EXERCISE
In your copy of the data, include no pictures and alter nothing else.

(Data items)
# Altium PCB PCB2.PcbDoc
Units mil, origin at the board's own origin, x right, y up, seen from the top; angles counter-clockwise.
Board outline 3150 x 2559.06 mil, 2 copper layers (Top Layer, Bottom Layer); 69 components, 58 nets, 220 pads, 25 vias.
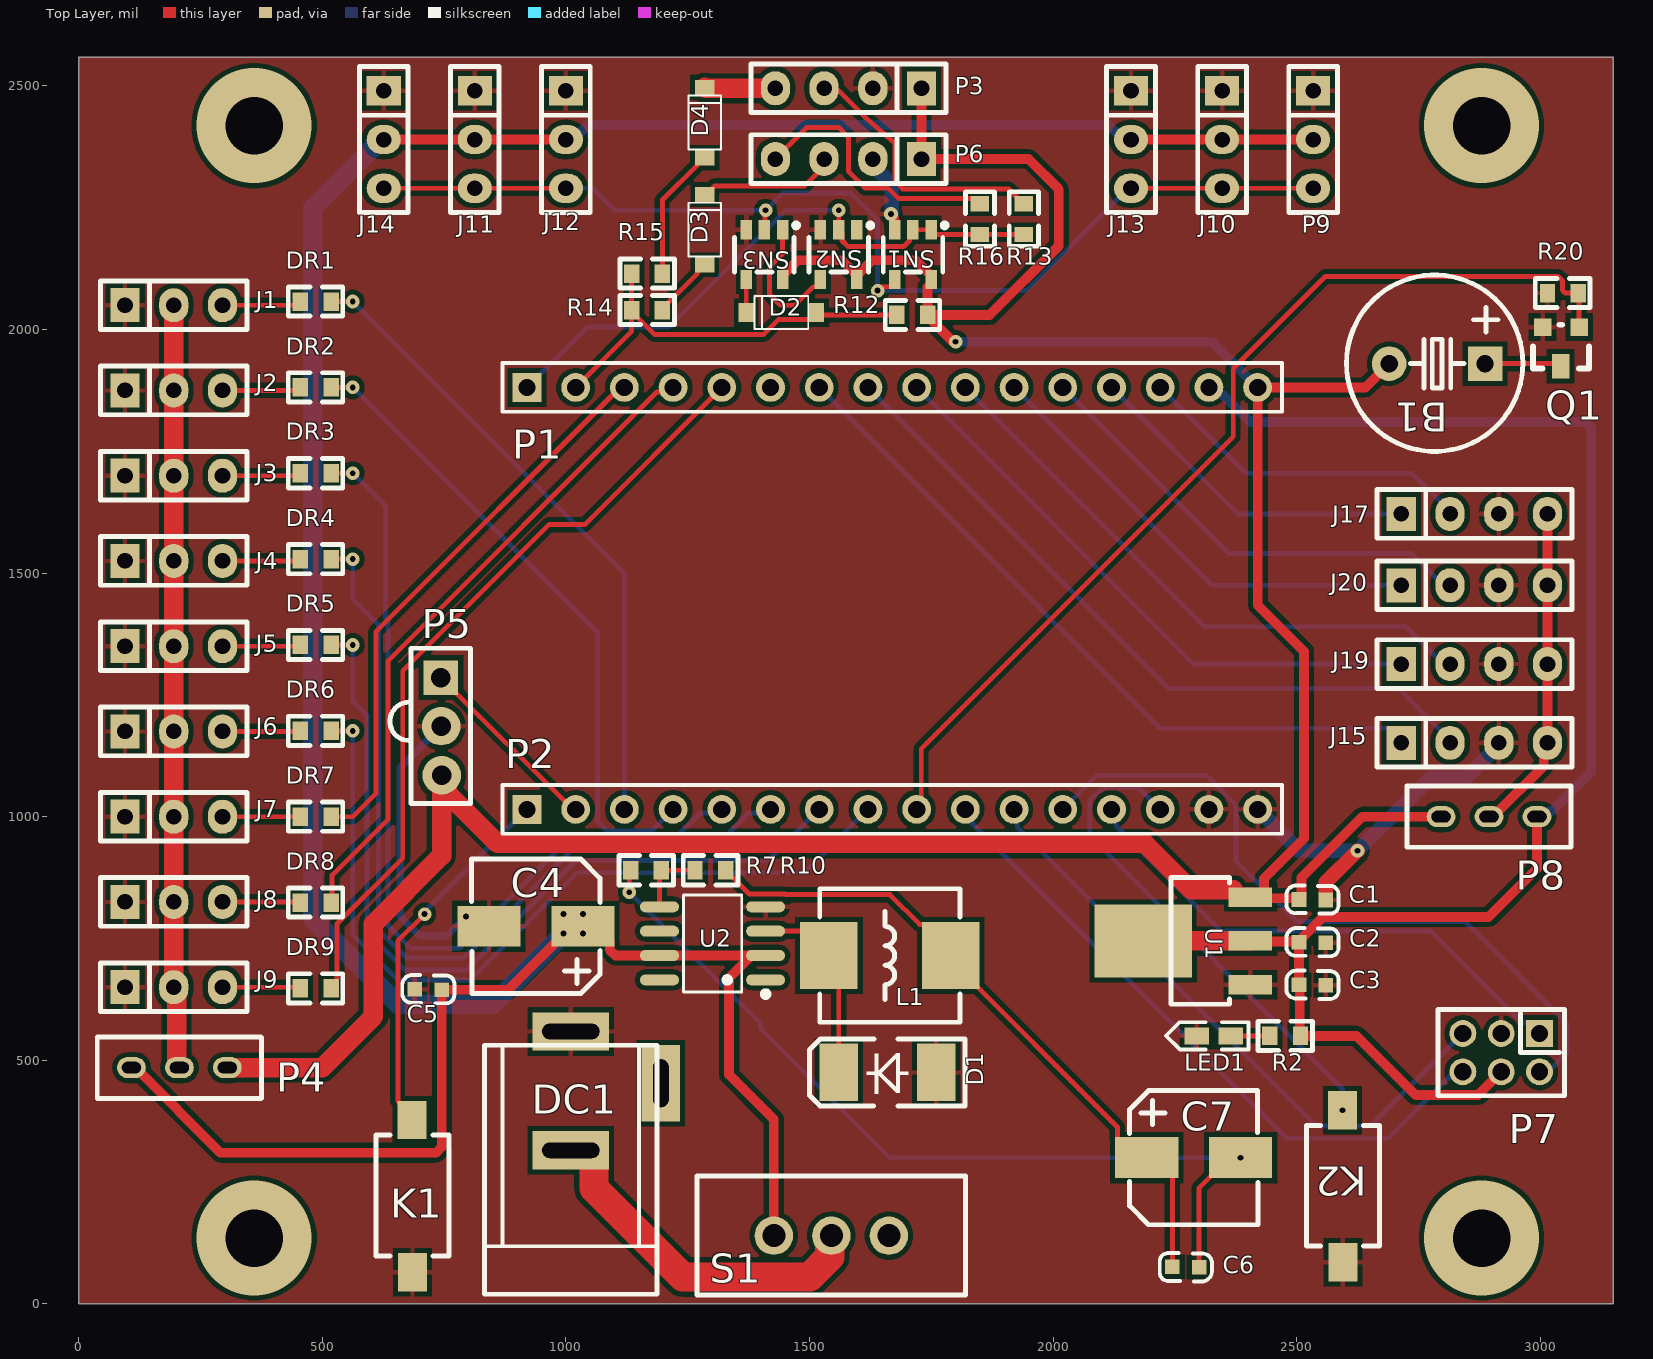
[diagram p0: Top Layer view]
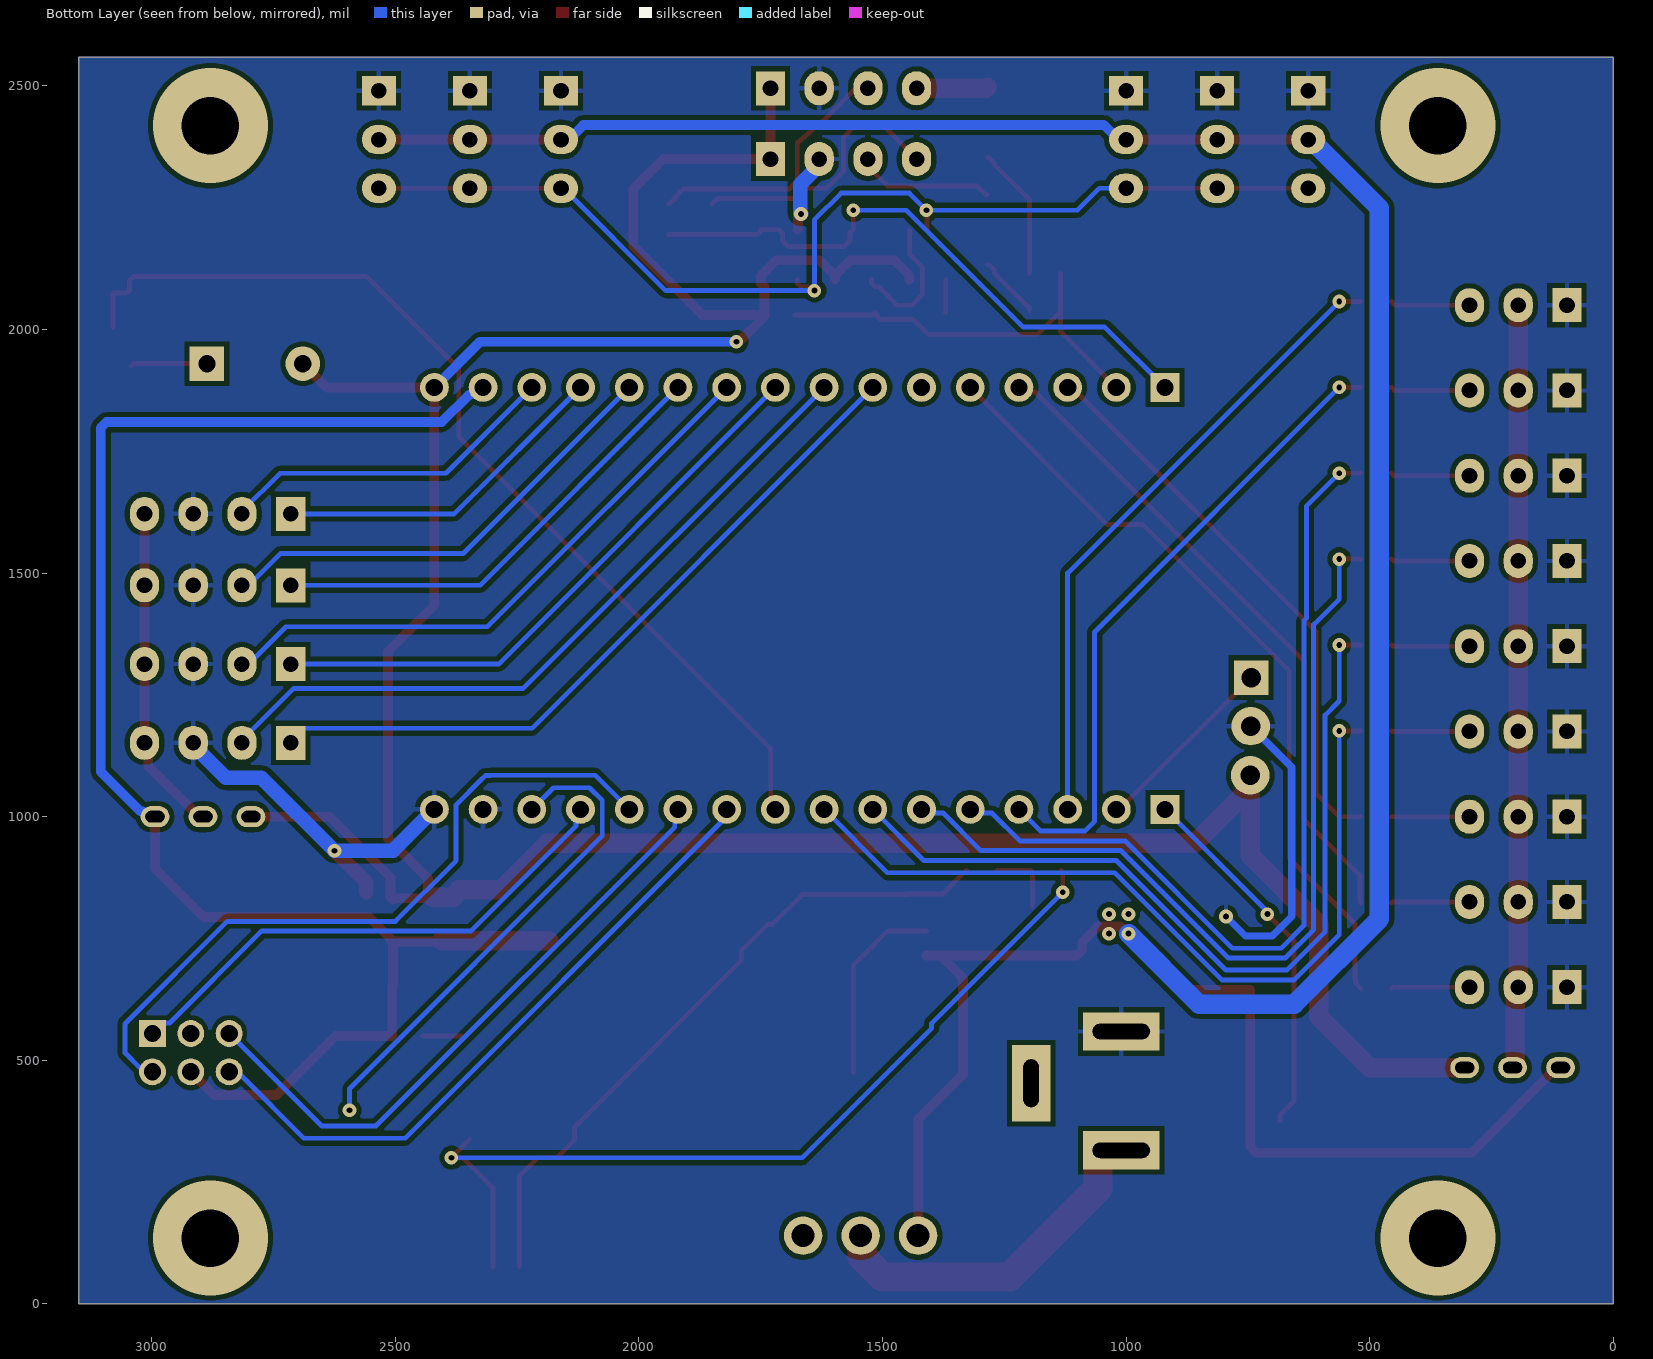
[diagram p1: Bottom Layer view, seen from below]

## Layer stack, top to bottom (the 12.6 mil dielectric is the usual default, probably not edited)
Top Solder: solder mask 0.4, Solder Resist, Dk 3.5
Top Layer: signal copper 1.4
Dielectric 1: dielectric 12.6, FR-4, Dk 4.8
Bottom Layer: signal copper 1.4
Bottom Solder: solder mask 0.4, Solder Resist, Dk 3.5

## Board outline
0,0 0,2559.05 3150,2559.06 3150,0

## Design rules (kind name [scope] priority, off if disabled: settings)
Clearance [All] p1: gap=10 ignorepadtopadclearanceinfootprint=FALSE except(0: Arc-Hole Track-Hole SMDPad-Hole THPad-Hole Via-Hole Fill-Hole Poly-Hole Region-Hole Text-Hole)
PolygonConnect [All] p1: connectstyle=Relief reliefconductorwidth=10 reliefentries=4 polygonreliefangle="90 Angle" airgapwidth=10
RoutingVias [All] p1: holewidth=28 width=50 viastyle="Through Hole" minholewidth=28 minwidth=50 maxholewidth=28 maxwidth=50
SolderMaskExpansion [All] p1: expansion=4 istentingtop=FALSE
Width [InNetClass('PWR')] p1: maxlimit=20 minlimit=20 preferedwidth=20
30 further rules are at their usual default settings.

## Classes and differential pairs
net class PWR: 3.3V 5V PWR VBAT VCC_SENSOR VCC_SERVOR

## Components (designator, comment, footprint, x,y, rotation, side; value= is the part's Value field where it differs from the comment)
B1 "BEEP" "BEEP 5x9x5.5" 2886.85,1930 r180 top
C1 "104" 0603C 2560.21,828.65 r180 top
C2 "104" 0603C 2560.21,741.15 r180 top
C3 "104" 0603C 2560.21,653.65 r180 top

SOLUTION FOR THIS PROBLEM
# Altium PCB PCB2.PcbDoc
Units mil, origin at the board's own origin, x right, y up, seen from the top; angles counter-clockwise.
Board outline 3150 x 2559.06 mil, 2 copper layers (Top Layer, Bottom Layer); 69 components, 58 nets, 220 pads, 25 vias.
[diagram p0: Top Layer view]
[diagram p1: Bottom Layer view, seen from below]

## Layer stack, top to bottom (the 12.6 mil dielectric is the usual default, probably not edited)
Top Solder: solder mask 0.4, Solder Resist, Dk 3.5
Top Layer: signal copper 1.4
Dielectric 1: dielectric 12.6, FR-4, Dk 4.8
Bottom Layer: signal copper 1.4
Bottom Solder: solder mask 0.4, Solder Resist, Dk 3.5

## Board outline
0,0 0,2559.05 3150,2559.06 3150,0

## Design rules (kind name [scope] priority, off if disabled: settings)
Clearance [All] p1: gap=10 ignorepadtopadclearanceinfootprint=FALSE except(0: Arc-Hole Track-Hole SMDPad-Hole THPad-Hole Via-Hole Fill-Hole Poly-Hole Region-Hole Text-Hole)
PolygonConnect [All] p1: connectstyle=Relief reliefconductorwidth=10 reliefentries=4 polygonreliefangle="90 Angle" airgapwidth=10
RoutingVias [All] p1: holewidth=28 width=50 viastyle="Through Hole" minholewidth=28 minwidth=50 maxholewidth=28 maxwidth=50
SolderMaskExpansion [All] p1: expansion=4 istentingtop=FALSE
Width [InNetClass('PWR')] p1: maxlimit=20 minlimit=20 preferedwidth=20
30 further rules are at their usual default settings.

## Classes and differential pairs
net class PWR: 3.3V 5V PWR VBAT VCC_SENSOR VCC_SERVOR

## Components (designator, comment, footprint, x,y, rotation, side; value= is the part's Value field where it differs from the comment)
B1 "BEEP" "BEEP 5x9x5.5" 2886.85,1930 r180 top
C1 "104" 0603C 2560.21,828.65 r180 top
C2 "104" 0603C 2560.21,741.15 r180 top
C3 "104" 0603C 2560.21,653.65 r180 top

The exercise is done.